- Interactive map of the Penbanc area

General information
- Type: Longhouse
- Location: Wales
- Coordinates: 51°59′13″N 4°44′42″W﻿ / ﻿51.9869499°N 4.7448654°W

Technical details
- Floor count: 1

= Penbanc =

Penbanc is a 19th-century thatched Pembrokeshire longhouse (tŷ hir in Welsh) about 1.5 kilometres (0.9 miles) northwest of the hamlet of Brynberian in the Preseli Hills area of the Pembrokeshire Coast National Park in Pembrokeshire, West Wales. It is designated by Cadw as a Grade II listed building.

==Construction==
The cottage is a single storey building of rubble stone walls with larger quoin stones. The walls are colourwashed and the roof is thatched. The thatch was covered with a corrugated tin roof until the cottage was restored in 2013 and the roof re-thatched. The interior has rough A-frame trusses formed from rounded timbers with pegged joints. Rough purlins support the roof thatch. The A-frames and purlins are now exposed but originally there would have been a boarded loft. According to Cadw, originally the thatch straw was probably laid over an underthatch of gorse over a layer of straw rope.

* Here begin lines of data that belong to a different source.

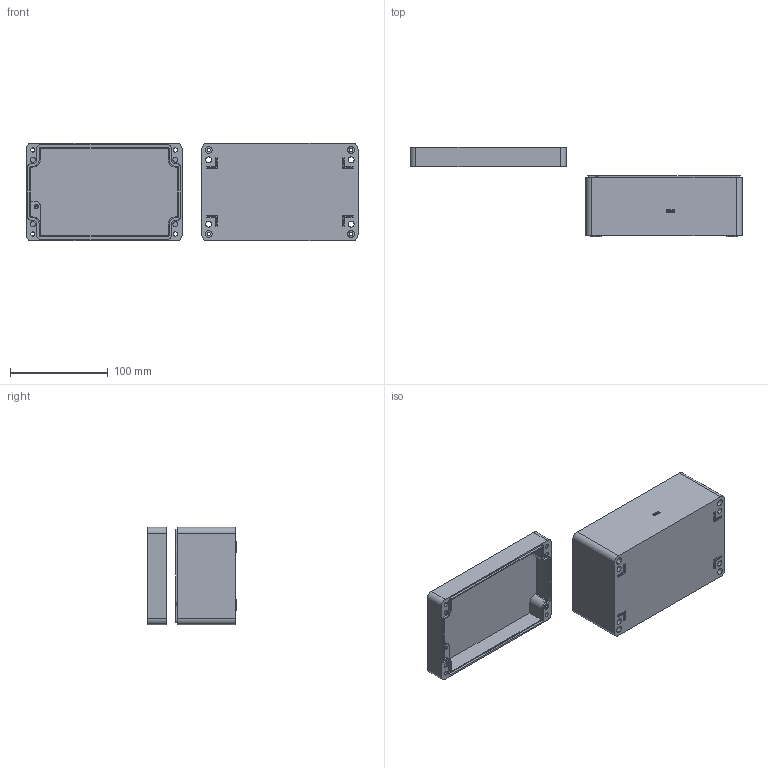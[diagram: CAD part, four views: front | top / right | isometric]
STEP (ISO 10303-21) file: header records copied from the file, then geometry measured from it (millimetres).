
FILE_DESCRIPTION (( 'STEP AP203' ), '1' );
FILE_NAME ('ZX-AL-101608_装配体.STEP', '2022-01-24T08:07:30', ( '微软用户' ), ( '微软中国' ), 'SwSTEP 2.0', 'SolidWorks 2020', '' );
FILE_SCHEMA (( 'CONFIG_CONTROL_DESIGN' ));
Length unit declared in the file: millimetre
Products named in the file (3): ZX-AL-101608_蚾饜极; ZX-AL-101608_奻; ZX-AL-101608_狟
Assembly tree (2 placements, depth 2):
  ZX-AL-101608_蚾饜极
    ZX-AL-101608_狟
    ZX-AL-101608_奻
Bounding box: 340.08 x 91.84 x 100 mm (x, y, z)
Volume: 278573.4 mm3; surface area: 155501.3 mm2
Topology: 2 solids, 2 shells, 673 faces, 1818 edges, 1185 vertices
Faces by surface type: plane 346, cylinder 168, bspline 123, cone 36
Entity records: 26875 total; most frequent: CARTESIAN_POINT 10318, ORIENTED_EDGE 3608, DIRECTION 2954, EDGE_CURVE 1804, VECTOR 1224, LINE 1224, VERTEX_POINT 1185, AXIS2_PLACEMENT_3D 865
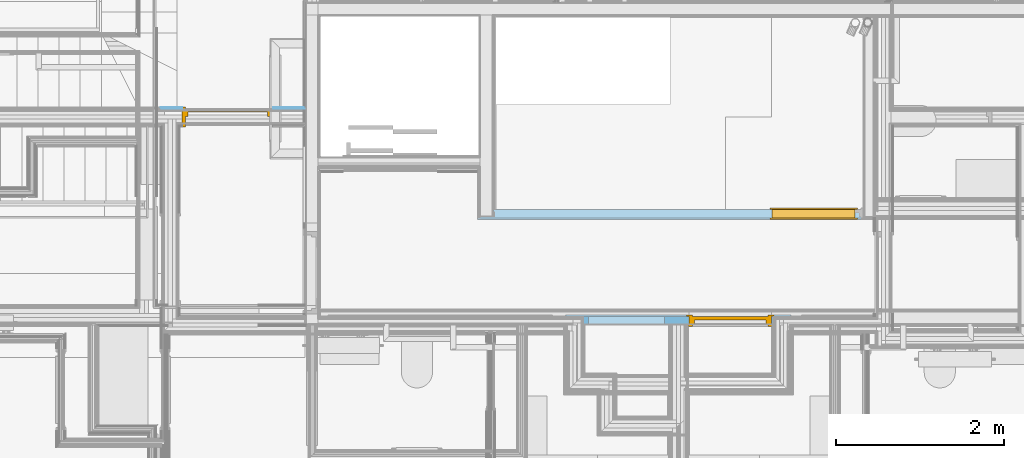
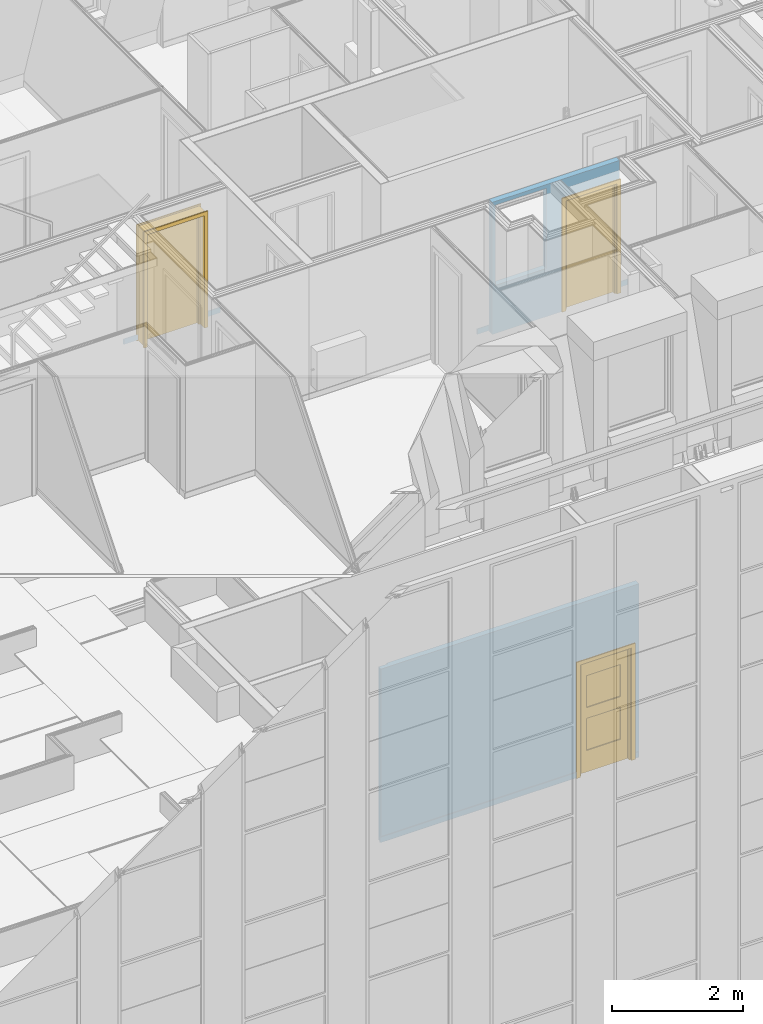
# One storey, part 83 of 169: 3 doors, 4 openings, plus 3 elements that do not belong to this part.
"""IFC2X3 building model written with IfcOpenShell, lengths in metres."""

from ifc_helpers import new_model, entity, si_unit, converted_unit, derived_unit, money_unit, direction, frame, frame_2d, origin_with_axes, place, context, subcontext, project, spatial, polyline, rectangle, outline, extrude, clip, bounded_halfspace, faceted_brep, material, layer, layer_set, layer_usage, type_object, element, fill, save


model = new_model("IFC2X3")

# Units and contexts
model_context = context("Model", 3, precision=1e-05, world=origin_with_axes(), true_north=direction((0.0, 1.0)))
body_context = subcontext(model_context, "Body", "Model", "MODEL_VIEW", scale=1.0)
ifc_project = project(units=[si_unit("LENGTHUNIT", "METRE"), si_unit("AREAUNIT", "SQUARE_METRE"), si_unit("VOLUMEUNIT", "CUBIC_METRE"), si_unit("ABSORBEDDOSEUNIT", "GRAY"), si_unit("AMOUNTOFSUBSTANCEUNIT", "MOLE"), si_unit("DOSEEQUIVALENTUNIT", "SIEVERT"), si_unit("ELECTRICCAPACITANCEUNIT", "FARAD"), si_unit("ELECTRICCHARGEUNIT", "COULOMB"), si_unit("ELECTRICCONDUCTANCEUNIT", "SIEMENS"), si_unit("ELECTRICCURRENTUNIT", "AMPERE"), si_unit("ELECTRICRESISTANCEUNIT", "OHM"), si_unit("ELECTRICVOLTAGEUNIT", "VOLT"), si_unit("ENERGYUNIT", "JOULE"), si_unit("FORCEUNIT", "NEWTON"), si_unit("FREQUENCYUNIT", "HERTZ"), si_unit("ILLUMINANCEUNIT", "LUX"), si_unit("INDUCTANCEUNIT", "HENRY"), si_unit("LUMINOUSFLUXUNIT", "LUMEN"), si_unit("LUMINOUSINTENSITYUNIT", "CANDELA"), si_unit("MAGNETICFLUXDENSITYUNIT", "TESLA"), si_unit("MAGNETICFLUXUNIT", "WEBER"), si_unit("MASSUNIT", "GRAM"), converted_unit("PLANEANGLEUNIT", "degree", entity("IfcReal", 0.0174532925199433), si_unit("PLANEANGLEUNIT", "RADIAN"), dimensions=[0, 0, 0, 0, 0, 0, 0]), si_unit("POWERUNIT", "WATT"), si_unit("PRESSUREUNIT", "PASCAL"), si_unit("RADIOACTIVITYUNIT", "BECQUEREL"), si_unit("SOLIDANGLEUNIT", "STERADIAN"), si_unit("THERMODYNAMICTEMPERATUREUNIT", "KELVIN"), si_unit("TIMEUNIT", "SECOND"), derived_unit("ACCELERATIONUNIT", [(si_unit("LENGTHUNIT", "METRE"), 1), (si_unit("TIMEUNIT", "SECOND"), -2)]), derived_unit("ANGULARVELOCITYUNIT", [(converted_unit("PLANEANGLEUNIT", "degree", entity("IfcReal", 0.0174532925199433), si_unit("PLANEANGLEUNIT", "RADIAN"), dimensions=[0, 0, 0, 0, 0, 0, 0]), 1), (si_unit("TIMEUNIT", "SECOND"), -1)]), derived_unit("CURVATUREUNIT", [(converted_unit("PLANEANGLEUNIT", "degree", entity("IfcReal", 0.0174532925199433), si_unit("PLANEANGLEUNIT", "RADIAN"), dimensions=[0, 0, 0, 0, 0, 0, 0]), 1), (si_unit("LENGTHUNIT", "METRE"), -1)]), derived_unit("DYNAMICVISCOSITYUNIT", [(si_unit("PRESSUREUNIT", "PASCAL"), 1), (si_unit("TIMEUNIT", "SECOND"), 1)]), derived_unit("HEATFLUXDENSITYUNIT", [(si_unit("POWERUNIT", "WATT"), 1), (si_unit("LENGTHUNIT", "METRE"), -2)]), derived_unit("HEATINGVALUEUNIT", [(si_unit("ENERGYUNIT", "JOULE"), 1), (si_unit("MASSUNIT", "GRAM"), -1)]), derived_unit("INTEGERCOUNTRATEUNIT", [(si_unit("TIMEUNIT", "SECOND"), -1)]), derived_unit("IONCONCENTRATIONUNIT", [(si_unit("MASSUNIT", "GRAM"), 1), (si_unit("VOLUMEUNIT", "CUBIC_METRE"), -1)]), derived_unit("ISOTHERMALMOISTURECAPACITYUNIT", [(si_unit("VOLUMEUNIT", "CUBIC_METRE"), 1), (si_unit("MASSUNIT", "GRAM"), -1)]), derived_unit("KINEMATICVISCOSITYUNIT", [(si_unit("AREAUNIT", "SQUARE_METRE"), 1), (si_unit("TIMEUNIT", "SECOND"), -1)]), derived_unit("LINEARFORCEUNIT", [(si_unit("FORCEUNIT", "NEWTON"), 1), (si_unit("LENGTHUNIT", "METRE"), -1)]), derived_unit("LINEARMOMENTUNIT", [(si_unit("FORCEUNIT", "NEWTON"), 1), (si_unit("LENGTHUNIT", "METRE"), -1)]), derived_unit("LINEARSTIFFNESSUNIT", [(si_unit("FORCEUNIT", "NEWTON"), 1), (si_unit("LENGTHUNIT", "METRE"), -1)]), derived_unit("LINEARVELOCITYUNIT", [(si_unit("LENGTHUNIT", "METRE"), 1), (si_unit("TIMEUNIT", "SECOND"), -1)]), derived_unit("LUMINOUSINTENSITYDISTRIBUTIONUNIT", [(si_unit("LUMINOUSINTENSITYUNIT", "CANDELA"), 1), (si_unit("LUMINOUSFLUXUNIT", "LUMEN"), -1)]), derived_unit("MASSDENSITYUNIT", [(si_unit("MASSUNIT", "GRAM"), 1), (si_unit("VOLUMEUNIT", "CUBIC_METRE"), -1)]), derived_unit("MASSFLOWRATEUNIT", [(si_unit("MASSUNIT", "GRAM"), 1), (si_unit("TIMEUNIT", "SECOND"), -1)]), derived_unit("MASSPERLENGTHUNIT", [(si_unit("MASSUNIT", "GRAM"), 1), (si_unit("LENGTHUNIT", "METRE"), -1)]), derived_unit("MODULUSOFELASTICITYUNIT", [(si_unit("FORCEUNIT", "NEWTON"), 1), (si_unit("AREAUNIT", "SQUARE_METRE"), -1)]), derived_unit("MODULUSOFLINEARSUBGRADEREACTIONUNIT", [(si_unit("FORCEUNIT", "NEWTON"), 1), (si_unit("LENGTHUNIT", "METRE"), -2)]), derived_unit("MODULUSOFROTATIONALSUBGRADEREACTIONUNIT", [(si_unit("FORCEUNIT", "NEWTON"), 1), (si_unit("LENGTHUNIT", "METRE"), 1)]), derived_unit("MODULUSOFSUBGRADEREACTIONUNIT", [(si_unit("FORCEUNIT", "NEWTON"), 1), (si_unit("VOLUMEUNIT", "CUBIC_METRE"), -1)]), derived_unit("MOISTUREDIFFUSIVITYUNIT", [(si_unit("VOLUMEUNIT", "CUBIC_METRE"), 1), (si_unit("TIMEUNIT", "SECOND"), -1)]), derived_unit("MOLECULARWEIGHTUNIT", [(si_unit("MASSUNIT", "GRAM"), 1), (si_unit("AMOUNTOFSUBSTANCEUNIT", "MOLE"), -1)]), derived_unit("PLANARFORCEUNIT", [(si_unit("FORCEUNIT", "NEWTON"), 1), (si_unit("LENGTHUNIT", "METRE"), -2)]), derived_unit("ROTATIONALFREQUENCYUNIT", [(si_unit("TIMEUNIT", "SECOND"), -1)]), derived_unit("ROTATIONALMASSUNIT", [(si_unit("MASSUNIT", "GRAM"), 1), (si_unit("LENGTHUNIT", "METRE"), 2)]), derived_unit("ROTATIONALSTIFFNESSUNIT", [(si_unit("FORCEUNIT", "NEWTON"), 1), (si_unit("LENGTHUNIT", "METRE"), 1), (converted_unit("PLANEANGLEUNIT", "degree", entity("IfcReal", 0.0174532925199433), si_unit("PLANEANGLEUNIT", "RADIAN"), dimensions=[0, 0, 0, 0, 0, 0, 0]), -1)]), derived_unit("SECTIONAREAINTEGRALUNIT", [(si_unit("LENGTHUNIT", "METRE"), 5)]), derived_unit("SECTIONMODULUSUNIT", [(si_unit("LENGTHUNIT", "METRE"), 3)]), derived_unit("SHEARMODULUSUNIT", [(si_unit("FORCEUNIT", "NEWTON"), 1), (si_unit("AREAUNIT", "SQUARE_METRE"), -1)]), derived_unit("SOUNDPOWERUNIT", [(si_unit("ENERGYUNIT", "JOULE"), 1), (si_unit("TIMEUNIT", "SECOND"), -1)]), derived_unit("SPECIFICHEATCAPACITYUNIT", [(si_unit("FORCEUNIT", "NEWTON"), 1), (si_unit("MASSUNIT", "GRAM"), -1), (si_unit("THERMODYNAMICTEMPERATUREUNIT", "KELVIN"), -1)]), derived_unit("TEMPERATUREGRADIENTUNIT", [(si_unit("THERMODYNAMICTEMPERATUREUNIT", "KELVIN"), 1), (si_unit("LENGTHUNIT", "METRE"), -1)]), derived_unit("THERMALADMITTANCEUNIT", [(si_unit("POWERUNIT", "WATT"), 1), (si_unit("AREAUNIT", "SQUARE_METRE"), -1), (si_unit("THERMODYNAMICTEMPERATUREUNIT", "KELVIN"), -1)]), derived_unit("THERMALCONDUCTANCEUNIT", [(si_unit("POWERUNIT", "WATT"), 1), (si_unit("LENGTHUNIT", "METRE"), -1), (si_unit("THERMODYNAMICTEMPERATUREUNIT", "KELVIN"), -1)]), derived_unit("THERMALEXPANSIONCOEFFICIENTUNIT", [(si_unit("THERMODYNAMICTEMPERATUREUNIT", "KELVIN"), -1)]), derived_unit("THERMALRESISTANCEUNIT", [(si_unit("AREAUNIT", "SQUARE_METRE"), 1), (si_unit("POWERUNIT", "WATT"), -1)]), derived_unit("THERMALTRANSMITTANCEUNIT", [(si_unit("POWERUNIT", "WATT"), 1), (si_unit("AREAUNIT", "SQUARE_METRE"), -1), (si_unit("THERMODYNAMICTEMPERATUREUNIT", "KELVIN"), -1)]), derived_unit("TORQUEUNIT", [(si_unit("FORCEUNIT", "NEWTON"), 1), (si_unit("LENGTHUNIT", "METRE"), 1)]), derived_unit("VAPORPERMEABILITYUNIT", [(si_unit("MASSUNIT", "GRAM"), 1), (si_unit("TIMEUNIT", "SECOND"), -1)]), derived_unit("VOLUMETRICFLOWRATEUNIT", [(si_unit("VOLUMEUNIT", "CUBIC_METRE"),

When re-thatched, a base coat of slates was tied on with handmade straw rope then laid over with a thatch of combed wheat and drum thrashed landrace long straw.

==History==
Penbanc is thought to have been built in the mid 19th century as a workers' dwelling. Later that century, a cowshed was added to the side and the internal structure was altered. Under private ownership, the property is now used as a holiday cottage. The cowshed has been incorporated into the accommodation.